Professor Chew begins by providing advice on choosing what authority to cite and how many authorities to cite. She then provides guidance on writing the citation itself—choosing the citation placement, signal, and parenthetical content. As Professor Chew explains, these decisions should not be based on the Bluebook (or any other citation guide). Instead, they “should be driven by your understanding of the prose and its substantive relationship to the cited authority.” Finally, she provides advice on how to tie together the prose and the citations, i.e. how to identify the bumpy or presumptuous citations (which might also be signs of other writing problems) so that you can fix them.
There is one legal writing style expert who does provide guidance about citations—Bryan Garner. But the guidance that he provides isn’t about how to make in-line citations stylish because he views citations as “impediments to stylish legal writing.” Instead, Garner argues that writers should use footnotes instead of in-line citations.
Professor Chew rejects Garner’s critique of in-line citations because it is based on “the premise that writers aren’t up to the challenge of skillfully incorporating citations into their texts in a way that readers can follow.” Using footnotes may avoid some citation problems and may eliminate visual clutter, making it easier for writers to spot poorly written prose. However, it creates other writing problems. Even if citations are moved to footnotes, legal readers can’t ignore them because the citations convey necessary information about the authority that supports the assertions in the text. As Justice Scalia, Garner’s co-author, noted, moving citations to the footnotes thus “forces the reader’s “eyes to bounce repeatedly from text to footnote.” And weaving the details from the citations (such as the case name, court, and date) into the text might solve that problem but creates a new one in that it overemphasizes information that often isn’t worth emphasizing and makes the prose more awkward.
Instead, Professor Chew encourages legal writers to embrace in-line citations. In-line citations give the reader control over how much attention they pay to the citations by skimming them over or reading them in more detail. In general, readers pay less attention to citations than they do to prose, and this allows citations to be placed “right next to the propositions they support, at the reader’s point of need.” As a result, “in-line citations can convey information ‘almost subliminally’ as readers’ eyes speed across them.”

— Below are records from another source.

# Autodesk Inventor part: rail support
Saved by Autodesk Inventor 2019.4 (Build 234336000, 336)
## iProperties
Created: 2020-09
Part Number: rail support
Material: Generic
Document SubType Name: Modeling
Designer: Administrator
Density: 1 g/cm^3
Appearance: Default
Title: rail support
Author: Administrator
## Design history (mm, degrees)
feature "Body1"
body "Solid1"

Professor Chew’s article fills an often-overlooked gap in the legal style literature, and it does so in a practical way. I encourage students, professors, and practitioners to read Professor Chew’s article for more detail, especially the “how tos” of making citations more stylish. I didn’t need much convincing about the importance of citation to legal writing, but Professor Chew’s article still made me think more deliberately about the role that citations play in good legal writing. And for those of you who teach legal writing (whether first-year or upper level), her article also makes the case for better integrating citations into the legal writing curriculum. Finally, if, like me, you can’t get enough of Professor Chew’s writing on citations, don’t miss her Citation Literacy article.